Answer to Question 1
1
Rationale:
1. The client undergoing manual removal of the placenta will need either IV sedation or general anesthesia. An IV is necessary.
2. Anti-embolism stockings are used after major surgery that leads to immobility, thus increasing the risk of embolism. However, anti-embolism stockings are not needed for this client, because manual removal of the placenta is not major surgery, and does not lead to post-procedure immobility.
3. The client's partner or family member, or a nursery nurse, can feed the infant. The client is at risk for excessive blood loss due to retained placenta, and preparation for manual removal of the placenta is a higher priority at this time.
4. The placenta might be sent to pathology after it is removed, but preparing the client for manual removal of the placenta now is a higher priority.
Answer to Question 2
1
Rationale:
1. Squatting increases the diameter of the pelvic outlet, and might facilitate vaginal birth when cephalopelvic disproportion is a risk.
2. A client with a large fetus and a small pelvis has a higher-than-average chance of needing a cesarean. This client should either be given only clear liquids or be n.p.o. to reduce the risk of aspiration should a cesarean need to be performed.

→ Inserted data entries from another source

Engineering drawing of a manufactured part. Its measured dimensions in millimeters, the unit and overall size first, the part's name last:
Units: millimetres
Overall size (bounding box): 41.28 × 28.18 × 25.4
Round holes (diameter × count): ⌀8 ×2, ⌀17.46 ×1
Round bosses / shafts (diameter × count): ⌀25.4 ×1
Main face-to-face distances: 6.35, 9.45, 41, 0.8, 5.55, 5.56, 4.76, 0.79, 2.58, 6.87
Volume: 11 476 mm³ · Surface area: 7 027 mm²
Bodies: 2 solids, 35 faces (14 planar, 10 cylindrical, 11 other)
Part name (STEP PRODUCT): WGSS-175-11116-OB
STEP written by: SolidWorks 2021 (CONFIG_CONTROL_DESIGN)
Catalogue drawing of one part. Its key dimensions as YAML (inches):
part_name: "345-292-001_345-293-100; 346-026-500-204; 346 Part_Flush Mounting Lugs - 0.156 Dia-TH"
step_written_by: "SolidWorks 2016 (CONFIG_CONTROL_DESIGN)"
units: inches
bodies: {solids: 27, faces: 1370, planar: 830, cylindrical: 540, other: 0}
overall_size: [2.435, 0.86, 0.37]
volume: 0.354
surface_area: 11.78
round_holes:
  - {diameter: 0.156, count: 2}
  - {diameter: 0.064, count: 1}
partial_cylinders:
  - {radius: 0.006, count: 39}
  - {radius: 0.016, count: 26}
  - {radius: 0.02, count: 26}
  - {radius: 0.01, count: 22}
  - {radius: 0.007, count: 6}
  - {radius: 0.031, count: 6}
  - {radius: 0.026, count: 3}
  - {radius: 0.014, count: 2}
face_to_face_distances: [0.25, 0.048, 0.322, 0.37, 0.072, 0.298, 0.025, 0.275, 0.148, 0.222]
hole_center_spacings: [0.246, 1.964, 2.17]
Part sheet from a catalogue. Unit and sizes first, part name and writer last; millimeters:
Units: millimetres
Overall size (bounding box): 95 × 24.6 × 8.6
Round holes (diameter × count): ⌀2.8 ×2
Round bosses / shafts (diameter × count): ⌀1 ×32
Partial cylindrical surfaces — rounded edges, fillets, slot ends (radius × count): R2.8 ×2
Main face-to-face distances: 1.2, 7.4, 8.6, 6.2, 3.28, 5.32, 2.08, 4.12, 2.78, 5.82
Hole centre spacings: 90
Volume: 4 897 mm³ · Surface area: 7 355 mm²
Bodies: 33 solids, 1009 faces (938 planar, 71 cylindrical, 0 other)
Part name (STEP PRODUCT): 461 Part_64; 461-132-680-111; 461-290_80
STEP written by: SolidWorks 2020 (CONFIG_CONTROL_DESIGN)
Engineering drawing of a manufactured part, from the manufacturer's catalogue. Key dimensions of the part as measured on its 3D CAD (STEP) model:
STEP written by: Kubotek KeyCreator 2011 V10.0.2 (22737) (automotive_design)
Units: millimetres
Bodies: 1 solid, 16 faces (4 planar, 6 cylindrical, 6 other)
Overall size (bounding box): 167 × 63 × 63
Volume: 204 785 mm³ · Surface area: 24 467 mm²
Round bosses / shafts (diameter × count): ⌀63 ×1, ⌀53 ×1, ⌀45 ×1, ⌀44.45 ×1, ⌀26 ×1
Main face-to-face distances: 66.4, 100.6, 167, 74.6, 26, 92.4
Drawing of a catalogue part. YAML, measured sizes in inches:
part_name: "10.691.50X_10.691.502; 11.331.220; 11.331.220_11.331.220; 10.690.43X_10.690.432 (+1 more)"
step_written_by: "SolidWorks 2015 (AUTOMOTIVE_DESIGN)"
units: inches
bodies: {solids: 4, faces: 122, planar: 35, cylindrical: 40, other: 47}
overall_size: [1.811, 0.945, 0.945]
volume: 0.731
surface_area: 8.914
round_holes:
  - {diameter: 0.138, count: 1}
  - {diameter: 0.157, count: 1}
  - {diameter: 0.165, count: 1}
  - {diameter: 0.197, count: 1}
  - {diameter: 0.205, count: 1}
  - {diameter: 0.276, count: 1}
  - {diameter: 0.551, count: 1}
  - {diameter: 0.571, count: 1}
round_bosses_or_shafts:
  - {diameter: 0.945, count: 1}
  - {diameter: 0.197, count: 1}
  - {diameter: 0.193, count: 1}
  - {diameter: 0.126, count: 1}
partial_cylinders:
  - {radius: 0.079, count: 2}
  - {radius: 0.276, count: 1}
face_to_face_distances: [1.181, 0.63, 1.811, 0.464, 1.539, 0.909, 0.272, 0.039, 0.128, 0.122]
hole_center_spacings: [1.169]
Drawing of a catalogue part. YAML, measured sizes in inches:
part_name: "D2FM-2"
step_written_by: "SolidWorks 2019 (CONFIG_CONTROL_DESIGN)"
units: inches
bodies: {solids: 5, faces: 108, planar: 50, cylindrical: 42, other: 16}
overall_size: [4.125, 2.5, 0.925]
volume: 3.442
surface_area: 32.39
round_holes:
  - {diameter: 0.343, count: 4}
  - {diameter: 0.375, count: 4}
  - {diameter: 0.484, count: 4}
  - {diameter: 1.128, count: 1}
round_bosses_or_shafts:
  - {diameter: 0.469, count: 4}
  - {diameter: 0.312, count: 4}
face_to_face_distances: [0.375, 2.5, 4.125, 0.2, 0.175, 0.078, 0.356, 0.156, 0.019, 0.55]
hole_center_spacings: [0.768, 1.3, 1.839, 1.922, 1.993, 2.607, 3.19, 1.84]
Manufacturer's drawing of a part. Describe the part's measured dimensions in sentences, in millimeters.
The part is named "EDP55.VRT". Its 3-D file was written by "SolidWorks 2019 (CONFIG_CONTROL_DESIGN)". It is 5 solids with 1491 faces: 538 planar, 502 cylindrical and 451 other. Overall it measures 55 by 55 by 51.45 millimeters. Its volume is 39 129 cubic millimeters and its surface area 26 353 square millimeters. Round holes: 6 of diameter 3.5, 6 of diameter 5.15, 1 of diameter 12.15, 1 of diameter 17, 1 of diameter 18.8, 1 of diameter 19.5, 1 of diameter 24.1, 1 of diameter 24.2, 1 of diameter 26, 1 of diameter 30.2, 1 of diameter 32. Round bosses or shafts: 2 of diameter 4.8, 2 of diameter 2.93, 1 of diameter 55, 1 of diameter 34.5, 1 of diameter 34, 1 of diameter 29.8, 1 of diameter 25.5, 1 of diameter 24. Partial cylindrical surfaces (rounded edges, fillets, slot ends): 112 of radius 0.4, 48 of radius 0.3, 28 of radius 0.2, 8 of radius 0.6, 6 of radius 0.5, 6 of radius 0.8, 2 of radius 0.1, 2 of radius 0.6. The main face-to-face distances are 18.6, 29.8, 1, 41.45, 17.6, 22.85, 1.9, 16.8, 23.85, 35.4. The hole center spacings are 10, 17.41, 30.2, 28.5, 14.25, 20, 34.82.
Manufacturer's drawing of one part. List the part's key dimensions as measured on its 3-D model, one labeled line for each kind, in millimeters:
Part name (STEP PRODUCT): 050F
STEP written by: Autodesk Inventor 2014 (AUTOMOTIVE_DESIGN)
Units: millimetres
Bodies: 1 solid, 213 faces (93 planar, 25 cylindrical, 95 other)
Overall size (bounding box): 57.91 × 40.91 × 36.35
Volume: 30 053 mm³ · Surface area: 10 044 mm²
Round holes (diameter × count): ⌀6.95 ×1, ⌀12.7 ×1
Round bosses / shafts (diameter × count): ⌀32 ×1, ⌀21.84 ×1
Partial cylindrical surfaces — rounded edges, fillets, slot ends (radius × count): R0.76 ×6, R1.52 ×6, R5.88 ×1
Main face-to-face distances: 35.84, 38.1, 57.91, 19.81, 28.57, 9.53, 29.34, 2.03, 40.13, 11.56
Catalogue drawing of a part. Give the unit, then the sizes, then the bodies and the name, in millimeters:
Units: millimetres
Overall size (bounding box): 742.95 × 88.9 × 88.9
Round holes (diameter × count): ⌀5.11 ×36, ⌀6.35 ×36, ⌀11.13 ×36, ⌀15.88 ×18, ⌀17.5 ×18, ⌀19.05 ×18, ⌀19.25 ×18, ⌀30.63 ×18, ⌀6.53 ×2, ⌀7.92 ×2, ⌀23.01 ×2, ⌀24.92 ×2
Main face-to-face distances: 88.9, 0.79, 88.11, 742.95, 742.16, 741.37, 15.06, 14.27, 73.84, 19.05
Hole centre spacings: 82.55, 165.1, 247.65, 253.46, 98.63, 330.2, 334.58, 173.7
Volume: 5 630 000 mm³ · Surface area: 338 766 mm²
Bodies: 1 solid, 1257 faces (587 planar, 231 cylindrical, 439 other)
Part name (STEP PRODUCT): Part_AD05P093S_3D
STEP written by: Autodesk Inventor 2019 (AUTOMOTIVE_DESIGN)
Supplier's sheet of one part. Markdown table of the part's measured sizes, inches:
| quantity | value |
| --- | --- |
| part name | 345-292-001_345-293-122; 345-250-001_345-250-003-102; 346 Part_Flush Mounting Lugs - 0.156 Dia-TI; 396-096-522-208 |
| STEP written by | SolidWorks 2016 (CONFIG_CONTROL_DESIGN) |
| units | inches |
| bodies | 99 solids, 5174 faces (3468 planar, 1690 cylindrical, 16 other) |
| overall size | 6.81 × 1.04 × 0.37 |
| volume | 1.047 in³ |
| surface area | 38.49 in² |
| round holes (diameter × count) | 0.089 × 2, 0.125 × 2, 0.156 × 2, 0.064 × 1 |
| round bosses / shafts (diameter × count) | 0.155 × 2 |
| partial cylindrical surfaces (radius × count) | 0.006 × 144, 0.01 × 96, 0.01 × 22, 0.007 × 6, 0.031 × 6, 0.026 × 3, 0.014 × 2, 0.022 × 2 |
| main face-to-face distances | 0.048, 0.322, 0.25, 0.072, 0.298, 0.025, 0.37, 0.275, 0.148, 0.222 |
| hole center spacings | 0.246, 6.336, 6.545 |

3. The cervix is normally assessed when the client's labor status appears to have changed, or in order to determine whether cervical change is taking place. The cervix would be assessed more frequently if a client were in the active phase of labor, and cephalopelvic disproportion were a risk. Every eight hours is too far apart.
4. Although it is true that labor with a large fetus and a small pelvis could be prolonged, informing the couple of this fact is a psychosocial intervention. Physiologic interventions are a higher priority.